While there is excitement at the idea of starting fresh in a new place, the fact of the matter is that the process of moving is just a pain. Moving is expensive whether you hire professionals or do it yourself for a cross country move or the next city over. Uncle Sam just might cut you a break if you have started a new job in conjunction with your move. According to the Internal Revenue Service, moving expenses only qualify as a deduction if the move relates to a new job or business. There are three particular tests to determine when moving expenses can be deducted. They are an "above-the-line" deduction which means they reduce your adjusted gross income and can be claimed even if you do not itemize deductions.
Moving expenses may be deductible if three criteria are met:
- Your move is closely related to the start of work. If you have moved to a new job or have already moved within a year of starting a new job, you may be able to claim moving expenses on your tax return if you meet the next two criteria.
- The distance test – if your new job or business must be at 50 miles further than your old job was from your previous home. In other words, if you old home is 10 miles from your old job, your new job must be at least 60 miles away from your old job.
Image via IRS
- The time test – Once you have moved, you must be employed full-time for a period of at least 39 weeks during the 12 months after you move. If you're self-employed, you must work full-time for 78 weeks in the first 24 months following your move.
If your relocation meets all three criteria and your moving expenses are paid out-of-pocket and not reimbursed by your employer, the expenses can be deducted from your tax return. If your employer reimburses your moving expenses, you must claim the money as income on your tax return.
A scenario that meets all of the IRS's criteria is if an individual lives in Houston and is offered a job in Phoenix without reimbursement for moving costs. The new job starts in six weeks, so this person needs to find a place to live, pack up his belongings, make the trip and move to a new place at his own expense. He starts work at the appropriate time and remains with that company for a full year.
The distance test is fulfilled because the new home is closer to the new job than the old residence by a substantial amount. Time is definitely appropriate in this example because the new hire will be at work only a short time after the move and remains on the job for over thirty-nine weeks.
People who have been living abroad and are moving to the United States to retire are also allowed the moving expense deductions, even if they are not moving to a new job.
All unreimbursed elements of military moves that are authorized by military orders or a permanent change of station are always deductible.
You may deduct the actual unreimbursed costs of moving yourself and your family, including hotels that may be needed during the process of moving.
- Connect/disconnect fees for utilities at either end of the move.

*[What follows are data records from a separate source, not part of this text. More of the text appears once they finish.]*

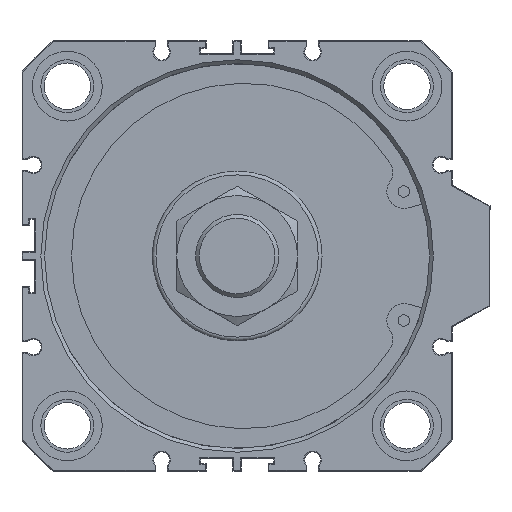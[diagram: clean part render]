
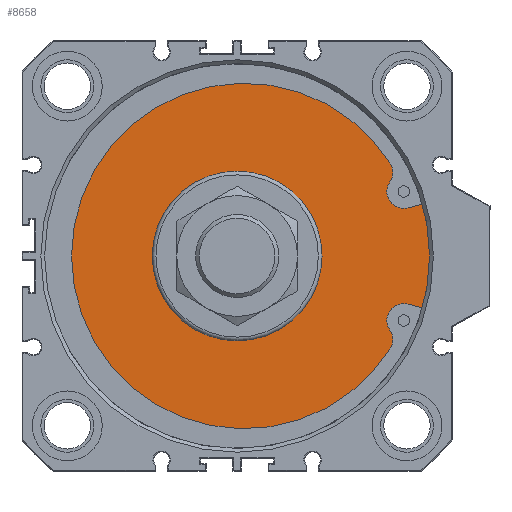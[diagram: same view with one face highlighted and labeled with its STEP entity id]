
A CAD part, front view. The second image highlights one B-rep face of the part: STEP entity #8658.
In plain terms, the highlighted planar face has unit normal (0, -1, 0).
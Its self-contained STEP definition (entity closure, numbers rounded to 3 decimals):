
#40=LINE('',#11740,#626);
#41=LINE('',#11753,#627);
#626=VECTOR('',#9885,1000.);
#627=VECTOR('',#9896,1000.);
#1272=PLANE('',#9132);
#1775=ORIENTED_EDGE('',*,*,#3332,.T.);
#1776=ORIENTED_EDGE('',*,*,#3333,.T.);
#1777=ORIENTED_EDGE('',*,*,#3334,.T.);
#1778=ORIENTED_EDGE('',*,*,#3335,.T.);
#1779=ORIENTED_EDGE('',*,*,#3336,.T.);
#1780=ORIENTED_EDGE('',*,*,#3337,.T.);
#1781=ORIENTED_EDGE('',*,*,#3338,.T.);
#1782=ORIENTED_EDGE('',*,*,#3339,.F.);
#1783=ORIENTED_EDGE('',*,*,#3328,.F.);
#3328=EDGE_CURVE('',#4129,#4129,#4602,.T.);
#3332=EDGE_CURVE('',#4133,#4134,#40,.T.);
#3333=EDGE_CURVE('',#4134,#4135,#4606,.T.);
#3334=EDGE_CURVE('',#4135,#4136,#4607,.T.);
#3335=EDGE_CURVE('',#4136,#4137,#4608,.T.);
#3336=EDGE_CURVE('',#4137,#4138,#4609,.T.);
#3337=EDGE_CURVE('',#4138,#4139,#4610,.T.);
#3338=EDGE_CURVE('',#4139,#4140,#41,.T.);
#3339=EDGE_CURVE('',#4133,#4140,#4611,.T.);
#4129=VERTEX_POINT('',#11729);
#4133=VERTEX_POINT('',#11741);
#4134=VERTEX_POINT('',#11742);
#4135=VERTEX_POINT('',#11744);
#4136=VERTEX_POINT('',#11746);
#4137=VERTEX_POINT('',#11748);
#4138=VERTEX_POINT('',#11750);
#4139=VERTEX_POINT('',#11752);
#4140=VERTEX_POINT('',#11754);
#4602=CIRCLE('',#9125,22.5);
#4606=CIRCLE('',#9133,4.5);
#4607=CIRCLE('',#9134,4.5);
#4608=CIRCLE('',#9135,45.77);
#4609=CIRCLE('',#9136,4.5);
#4610=CIRCLE('',#9137,4.5);
#4611=CIRCLE('',#9138,53.);
#4844=EDGE_LOOP('',(#1775,#1776,#1777,#1778,#1779,#1780,#1781,#1782));
#4845=EDGE_LOOP('',(#1783));
#5322=FACE_BOUND('',#4844,.T.);
#5323=FACE_BOUND('',#4845,.T.);
#8658=ADVANCED_FACE('',(#5322,#5323),#1272,.T.);
#9125=AXIS2_PLACEMENT_3D('',#11728,#9869,#9870);
#9132=AXIS2_PLACEMENT_3D('',#11739,#9883,#9884);
#9133=AXIS2_PLACEMENT_3D('',#11743,#9886,#9887);
#9134=AXIS2_PLACEMENT_3D('',#11745,#9888,#9889);
#9135=AXIS2_PLACEMENT_3D('',#11747,#9890,#9891);
#9136=AXIS2_PLACEMENT_3D('',#11749,#9892,#9893);
#9137=AXIS2_PLACEMENT_3D('',#11751,#9894,#9895);
#9138=AXIS2_PLACEMENT_3D('',#11755,#9897,#9898);
#9869=DIRECTION('',(0.,-1.,0.));
#9870=DIRECTION('',(1.,0.,0.));
#9883=DIRECTION('',(0.,-1.,0.));
#9884=DIRECTION('',(1.,0.,0.));
#9885=DIRECTION('',(-0.966,0.,-0.259));
#9886=DIRECTION('',(0.,1.,0.));
#9887=DIRECTION('',(1.,0.,0.));
#9888=DIRECTION('',(0.,-1.,0.));
#9889=DIRECTION('',(-1.,0.,0.));
#9890=DIRECTION('',(0.,-1.,0.));
#9891=DIRECTION('',(1.,0.,0.));
#9892=DIRECTION('',(0.,-1.,0.));
#9893=DIRECTION('',(-1.,0.,0.));
#9894=DIRECTION('',(0.,1.,0.));
#9895=DIRECTION('',(1.,0.,0.));
#9896=DIRECTION('',(0.966,0.,-0.259));
#9897=DIRECTION('',(0.,1.,0.));
#9898=DIRECTION('',(-1.,0.,0.));
#11728=CARTESIAN_POINT('',(0.,8.,0.));
#11729=CARTESIAN_POINT('',(22.5,8.,0.));
#11739=CARTESIAN_POINT('',(0.,8.,-53.));
#11740=CARTESIAN_POINT('',(51.039,8.,14.283));
#11741=CARTESIAN_POINT('',(51.039,8.,14.283));
#11742=CARTESIAN_POINT('',(45.35,8.,12.758));
#11743=CARTESIAN_POINT('',(44.185,8.,17.105));
#11744=CARTESIAN_POINT('',(40.45,8.,19.615));
#11745=CARTESIAN_POINT('',(36.73,8.,22.147));
#11746=CARTESIAN_POINT('',(40.642,8.,24.372));
#11747=CARTESIAN_POINT('',(1.9,8.,0.));
#11748=CARTESIAN_POINT('',(40.642,8.,-24.372));
#11749=CARTESIAN_POINT('',(36.73,8.,-22.147));
#11750=CARTESIAN_POINT('',(40.45,8.,-19.615));
#11751=CARTESIAN_POINT('',(44.185,8.,-17.105));
#11752=CARTESIAN_POINT('',(45.35,8.,-12.758));
#11753=CARTESIAN_POINT('',(45.35,8.,-12.758));
#11754=CARTESIAN_POINT('',(51.039,8.,-14.283));
#11755=CARTESIAN_POINT('',(0.,8.,0.));

- Costs for packing and transporting household goods, personal effects, pets, and vehicles.
- If you or a member of your household drive to the new home, the cost of gas and oil is deductible, so be sure to keep your receipts.
- Your travel costs and your family's travel costs to the new home are deductible. If you drove and your family flew, both sets of expenses would be deductible. This includes the cost of one night's lodging. The route must be the most direct route available, so sightseeing and detours on your way to the new home are not deductible. The cost of meals does not qualify because the IRS assumes that you likely would have eaten anyway even without the job change.
- The cost of storing and insuring your possessions for up to 30 days after they leave your former home is deductible in case there is a lag in time before your new home is available for move-in.
Take a minute to consult your tax advisor about what you might be able to claim on your taxes. For more information about moving expenses and tax deductions, IRS Publication 521 is a good resource.
This article should not be considered as legal, tax, or financial advice. It is intended to provide general information only. Consult a professional tax advisor for specific information on how the tax laws apply to you and your specific situation.